*Task*.
Look through the data below and, wherever a line carries the word "Continuous", please copy that line.
○ ○ ○
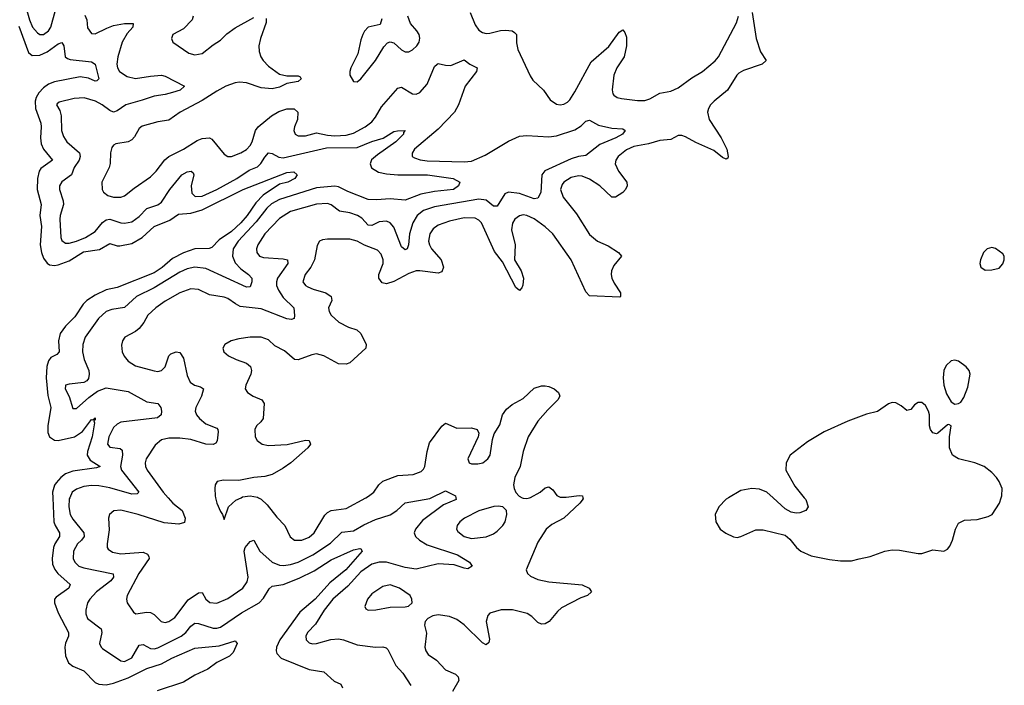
# Model space of a CAD drawing. Header units: inches. Extents: x 1449094 to 1618372, y 389908 to 534307.
# Tile 436 of 494: x 1590342 to 1595677, y 488983 to 492591. Entities that reach past the tile are written whole.
import ezdxf

# ---------------------------------------------------------------- set-up
doc = ezdxf.new("R2010")
doc.units = ezdxf.units.IN
doc.header["$MEASUREMENT"] = 0
doc.layers.add('B5498', color=7, linetype='Continuous')
doc.layers.add('B5499', color=7, linetype='Continuous')

msp = doc.modelspace()

# ---------------------------------------------------------------- linework, layer by layer
at = {"layer": 'B5498', "color": 5}
for points, elevation in [([(1590521.3, 490000), (1590527.3, 489870), (1590533.2, 489850), (1590557.8, 489810), (1590557.2, 489790), (1590532.7, 489750), (1590525.7, 489730), (1590518.2, 489670), (1590520.1, 489640.1), (1590531.5, 489611.5), (1590549, 489590), (1590615.8, 489530), (1590607.1, 489510), (1590539.7, 489460.3), (1590531.2, 489450), (1590529.5, 489430.5), (1590550, 489376.9), (1590606, 489270), (1590606.5, 489250), (1590590, 489212.4), (1590586.3, 489190), (1590590, 489143.8), (1590606, 489106), (1590630, 489086.4), (1590690, 489061.5), (1590750, 488997.8), (1590770, 488988.7), (1590810, 488986.5), (1590850, 488994.1), (1590930, 489023.7), (1591030, 489075.3), (1591110, 489100.1), (1591165.8, 489130), (1591290, 489184.3), (1591423, 489197), (1591510, 489224.7), (1591521, 489210), (1591498.5, 489161.5), (1591478.5, 489141.5), (1591410, 489106.6), (1591361.7, 489070), (1591290, 489038.8), (1591230, 489000.7), (1591087.2, 488952.8)], 420), ([(1590612.6, 490000), (1590610, 489994.5), (1590607.2, 489950), (1590615.5, 489910), (1590630, 489884.7), (1590690.1, 489810), (1590691.5, 489790), (1590677.4, 489770), (1590654.8, 489750), (1590633, 489710), (1590631.4, 489671.4), (1590640.2, 489650), (1590661.5, 489630), (1590690, 489619.3), (1590847.9, 489587.9), (1590850.9, 489570), (1590835.7, 489550), (1590758.5, 489490), (1590721.5, 489450), (1590710, 489429.6), (1590700.5, 489390), (1590700.9, 489370), (1590710, 489345.5), (1590783.2, 489290), (1590787.2, 489270), (1590774.3, 489210), (1590782.6, 489190), (1590790, 489183.6), (1590890, 489115.2), (1590910, 489112.4), (1590950, 489131.4), (1590990, 489201.2), (1591010, 489203.8), (1591050, 489183.1), (1591070, 489181.3), (1591090, 489186.3), (1591217.3, 489250), (1591242.5, 489270), (1591270, 489303.8), (1591290, 489320.2), (1591310, 489319.2), (1591390, 489293), (1591410, 489292.4), (1591430, 489297.9), (1591543.4, 489376.6), (1591639.5, 489430), (1591663.6, 489456.4), (1591693.1, 489506.9), (1591710, 489521), (1591770, 489530.6), (1591856.6, 489563.4), (1591937, 489603), (1592030, 489663.1), (1592150, 489716.8), (1592184.1, 489724.1), (1592190, 489723), (1592197.4, 489710), (1592109.3, 489610), (1592021.6, 489538.4), (1591942.6, 489450), (1591859.6, 489380.4), (1591752.2, 489230), (1591734.1, 489190), (1591731.5, 489170), (1591735.7, 489155.7), (1591758, 489130), (1591910, 489069.5), (1591990, 489056.5), (1592045.1, 489005.1), (1592082.8, 488990), (1592090.6, 488970)], 440), ([(1591145.8, 490000), (1591171, 489971), (1591222.4, 489930), (1591238.5, 489890), (1591234.1, 489865.9), (1591203.4, 489856.6), (1591124.7, 489864.7), (1590984.5, 489910), (1590890, 489933), (1590851.3, 489928.7), (1590828.7, 489910), (1590823.1, 489890), (1590826.9, 489826.9), (1590815.4, 489750), (1590816.1, 489730), (1590821.7, 489721.7), (1590844.9, 489704.9), (1590890, 489695.5), (1591010, 489705.2), (1591034.2, 489694.2), (1591041.1, 489681.1), (1591043.5, 489670), (1590986.8, 489590), (1590923.9, 489470), (1590920.8, 489450), (1590924.9, 489430), (1590958.9, 489378.9), (1590971.5, 489371.5), (1591030, 489379.4), (1591050, 489377.6), (1591070, 489366.5), (1591109, 489329), (1591130, 489324.4), (1591150, 489328.8), (1591182.6, 489350), (1591254.2, 489445.8), (1591310, 489484.1), (1591330, 489485.8), (1591350.1, 489450.1), (1591371.6, 489431.6), (1591410, 489429.4), (1591470, 489453.6), (1591550.4, 489509.6), (1591575, 489545), (1591579.2, 489570), (1591559, 489710), (1591563.1, 489730), (1591590, 489762.6), (1591610.2, 489770.2), (1591642.8, 489710), (1591710.3, 489650), (1591750, 489634), (1591772.1, 489632.1), (1591810, 489637.9), (1591850.2, 489650.2), (1591930, 489690.1), (1592026.8, 489753.2), (1592087.1, 489813), (1592150, 489820.1), (1592206.4, 489853.6), (1592270, 489881.2), (1592350, 489908), (1592384.8, 489930), (1592430, 489971.8), (1592563.9, 489996.1), (1592572, 490000)], 460), ([(1591403.4, 490000), (1591410, 489971), (1591430, 489924.7), (1591441, 489910), (1591450, 489882), (1591474, 489950), (1591513.7, 489986.3), (1591541.6, 490000)], 480), ([(1591635.6, 490000), (1591650, 489992), (1591682.1, 489962.1), (1591734.6, 489894.6), (1591779.1, 489850), (1591807.6, 489787.6), (1591830, 489769.2), (1591870, 489769.4), (1591910, 489786), (1591936.8, 489810), (1591995.2, 489904.8), (1592010, 489920.6), (1592030, 489930.7), (1592110, 489942.6), (1592217.4, 490000)], 480), ([(1592705.7, 490000), (1592707.3, 489990), (1592639.2, 489960.8), (1592523.7, 489876.3), (1592486.4, 489830), (1592480.2, 489810), (1592486.7, 489790), (1592508.4, 489770), (1592550, 489745.6), (1592713.7, 489690), (1592779.1, 489650), (1592794, 489630), (1592770, 489615.1), (1592750, 489617.6), (1592696.3, 489636.3), (1592610, 489641), (1592490, 489613.6), (1592430, 489622.2), (1592329.3, 489650), (1592290, 489651.6), (1592250, 489639.5), (1592190, 489597.7), (1592119.5, 489520.5), (1592038, 489450), (1591991.5, 489390), (1591944.4, 489315.6), (1591902.2, 489270), (1591892.8, 489250), (1591893.7, 489230), (1591910, 489213.7), (1591928.4, 489208.4), (1591950, 489209.3), (1592028, 489232), (1592070, 489235), (1592096.3, 489230), (1592170, 489202.3), (1592270, 489189.3), (1592310, 489192.2), (1592327.3, 489187.3), (1592336.6, 489176.6), (1592379.3, 489090), (1592418.3, 489050), (1592461.9, 488981.9)], 460), ([(1593393.7, 490000), (1593394.9, 489994.9), (1593376.9, 489970), (1593290.2, 489890), (1593224.8, 489855.2), (1593194.8, 489830), (1593150, 489758.5), (1593087.1, 489610), (1593094.3, 489590), (1593110, 489575.2), (1593150, 489557.7), (1593210, 489545.1), (1593390, 489528.8), (1593427.7, 489510), (1593440.7, 489490), (1593418, 489470), (1593383.1, 489456.9), (1593277.3, 489402.7), (1593256.1, 489383.9), (1593210.9, 489329.1), (1593190, 489316.9), (1593170, 489315.1), (1593150, 489324.2), (1593116.3, 489356.3), (1593092.3, 489372.3), (1593012.8, 489392.8), (1592950, 489392.5), (1592890, 489374.8), (1592878, 489362), (1592869.4, 489330), (1592887.4, 489232.6), (1592884.7, 489215.3), (1592870, 489202), (1592850, 489214.3), (1592750.5, 489310.5), (1592710, 489340.9), (1592670, 489356.8), (1592610, 489365.4), (1592579.9, 489360.1), (1592553.8, 489346.2), (1592538.8, 489330), (1592535.5, 489310), (1592546.4, 489266.4), (1592537.4, 489190), (1592541.7, 489170), (1592554.4, 489150), (1592600.3, 489120.3), (1592650, 489067.1), (1592704.1, 489044.1), (1592718.3, 489030), (1592722, 489010), (1592687.3, 488950)], 480), ([(1593064.3, 490000), (1593070, 489997.1), (1593090, 489995.5), (1593104.9, 490000)], 480), ([(1594182.1, 490000), (1594170, 489993.1), (1594130, 489951.3), (1594111.3, 489910), (1594113.6, 489870), (1594137.8, 489830), (1594167.6, 489807.6), (1594210, 489788.4), (1594230, 489785.4), (1594250, 489789.2), (1594330, 489826), (1594370, 489826.3), (1594490, 489797.1), (1594514.6, 489774.6), (1594550.4, 489730), (1594574.9, 489710), (1594630, 489684.9), (1594730, 489664.7), (1594790, 489658.2), (1594850, 489658.5), (1594890, 489668.9), (1594950, 489681.7), (1595030, 489710.3), (1595070, 489718), (1595110, 489715.8), (1595210, 489698.4), (1595230, 489698.4), (1595290, 489718.4), (1595350, 489710.4), (1595370, 489720.5), (1595382.2, 489737.8), (1595396.8, 489770), (1595412.4, 489830), (1595430, 489862.4), (1595462, 489878), (1595530, 489881.3), (1595590, 489897.7), (1595611, 489910), (1595651.6, 489970), (1595661, 490000)], 520), ([(1594593.3, 490000), (1594601.6, 489990), (1594614, 489950), (1594601, 489930), (1594570, 489918.4), (1594550, 489916.2), (1594521.7, 489921.7), (1594490, 489940.7), (1594424.2, 490000)], 520)]:
    msp.add_lwpolyline(points, dxfattribs=dict(at, elevation=elevation))
at = {"layer": 'B5498', "color": 5, "elevation": 480}
for points in [[(1592934.4, 489954.4), (1592911.8, 489951.8), (1592830, 489929.9), (1592751.6, 489890), (1592726.3, 489870), (1592712.8, 489850), (1592708.8, 489830), (1592716.7, 489816.7), (1592750, 489789.4), (1592790, 489779.2), (1592870, 489788.9), (1592910, 489804.1), (1592930, 489818), (1592960.4, 489850), (1592972.6, 489870), (1592982.4, 489910), (1592979.6, 489930), (1592959.3, 489950)], [(1592350, 489527.6), (1592310, 489519.2), (1592250, 489478.9), (1592226.5, 489450), (1592212.7, 489410), (1592218, 489398), (1592230.4, 489390.4), (1592271.7, 489391.7), (1592350, 489406.2), (1592430, 489408.9), (1592447.8, 489412.2), (1592469.3, 489430), (1592467.3, 489450), (1592457.6, 489470), (1592399.6, 489510)]]:
    msp.add_lwpolyline(points, close=True, dxfattribs=at)
at = {"layer": 'B5499', "color": 5}
for points, elevation in [([(1590350.1, 492750), (1590395.3, 492590), (1590411.3, 492551.3), (1590439.1, 492519.1), (1590450, 492511.3), (1590470, 492510.2), (1590497.7, 492530), (1590510.9, 492550), (1590536.5, 492643.5)], 440), ([(1590694.8, 492614.8), (1590706, 492590), (1590710, 492546.8), (1590730, 492516.4), (1590750, 492513.7), (1590813.9, 492546), (1590850, 492558.9), (1590910.1, 492570.1), (1590956.3, 492570), (1590955.3, 492550), (1590923.6, 492516.4), (1590897.5, 492470), (1590872.9, 492390), (1590868.1, 492350), (1590871.8, 492330), (1590883.2, 492310), (1590924, 492284), (1590970, 492272.1), (1591050, 492285.6), (1591110.1, 492290.1), (1591130, 492285), (1591234, 492230), (1591211.7, 492210), (1591170, 492196.3), (1591130, 492185.4), (1591070, 492177.1), (1591005.9, 492154.1), (1590917.3, 492130), (1590870, 492096.8), (1590850, 492090.6), (1590830, 492098.3), (1590788.8, 492130), (1590753.1, 492150), (1590691.7, 492168.3), (1590636.1, 492163.9), (1590555.8, 492144.2), (1590544.8, 492135.2), (1590541.6, 492130), (1590558.7, 492098.7), (1590566.4, 492070), (1590568.3, 491990), (1590578.2, 491958.2), (1590596.3, 491930), (1590665.6, 491870), (1590670.1, 491850), (1590664.1, 491830), (1590637.4, 491790), (1590623.2, 491750), (1590570, 491712.1), (1590558.2, 491690), (1590557.7, 491670), (1590576.6, 491610), (1590578.5, 491590), (1590560.6, 491530), (1590559, 491510), (1590565.4, 491410), (1590570, 491394), (1590590, 491380.2), (1590610, 491380.2), (1590650, 491390.1), (1590698.7, 491410), (1590750, 491443), (1590790, 491491.6), (1590810, 491506.4), (1590830, 491509.6), (1590890, 491490.1), (1590910, 491488), (1590950, 491496.1), (1590990, 491525), (1591030, 491567.8), (1591090, 491587.1), (1591110, 491601.8), (1591154.8, 491670), (1591220.2, 491750), (1591250, 491766.9), (1591270.5, 491770), (1591281.6, 491761.6), (1591285.4, 491750), (1591270.1, 491690), (1591273.7, 491650), (1591293.4, 491633.4), (1591330, 491634.6), (1591410.6, 491670), (1591518, 491730), (1591585.2, 491774.8), (1591630, 491793.8), (1591649.2, 491810.8), (1591670, 491846.7), (1591690, 491868.6), (1591710, 491866.7), (1591745.6, 491845.6), (1591770, 491841.5), (1592003.7, 491896.3), (1592170, 491898.2), (1592250, 491930.5), (1592310.9, 491949.1), (1592370, 491985.5), (1592388.7, 491988.7), (1592430.8, 491990), (1592420.7, 491979.3), (1592421.1, 491970), (1592379.7, 491930), (1592280.5, 491859.5), (1592249, 491831), (1592240.1, 491810), (1592248.1, 491788.1), (1592285.2, 491765.2), (1592330, 491755.3), (1592390.1, 491750.1), (1592551, 491750), (1592691.3, 491730), (1592727.3, 491710), (1592720.5, 491690), (1592692.7, 491670), (1592590, 491659.1), (1592515.1, 491644.9), (1592430, 491612.9), (1592350, 491619.6), (1592275.1, 491615.1), (1592230, 491617.4), (1592119.4, 491659.4), (1592070, 491684.9), (1592048.7, 491688.7), (1591950, 491680.3), (1591750, 491616), (1591706.9, 491593.1), (1591680.3, 491570), (1591623.6, 491496.4), (1591526.4, 491390), (1591498.8, 491350), (1591495.1, 491310), (1591510, 491274), (1591540.1, 491240.1), (1591581.6, 491210), (1591599.7, 491190), (1591600.5, 491170), (1591590, 491143.1), (1591570, 491140.6), (1591350, 491242.5), (1591290, 491249.9), (1591250, 491241.2), (1591210, 491223.2), (1591070, 491138.2), (1590974.7, 491090), (1590910, 491030.6), (1590840.2, 491019.8), (1590810, 491009), (1590768.8, 490971.2), (1590696.3, 490870), (1590683.5, 490830), (1590682.5, 490790), (1590690.2, 490750), (1590715.9, 490690), (1590718.2, 490670), (1590713.8, 490646.2), (1590705.8, 490634.2), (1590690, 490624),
○ ○ ○
*Output of the exercise*.
doc.layers.add('B5498', color=7, linetype='Continuous')
doc.layers.add('B5499', color=7, linetype='Continuous')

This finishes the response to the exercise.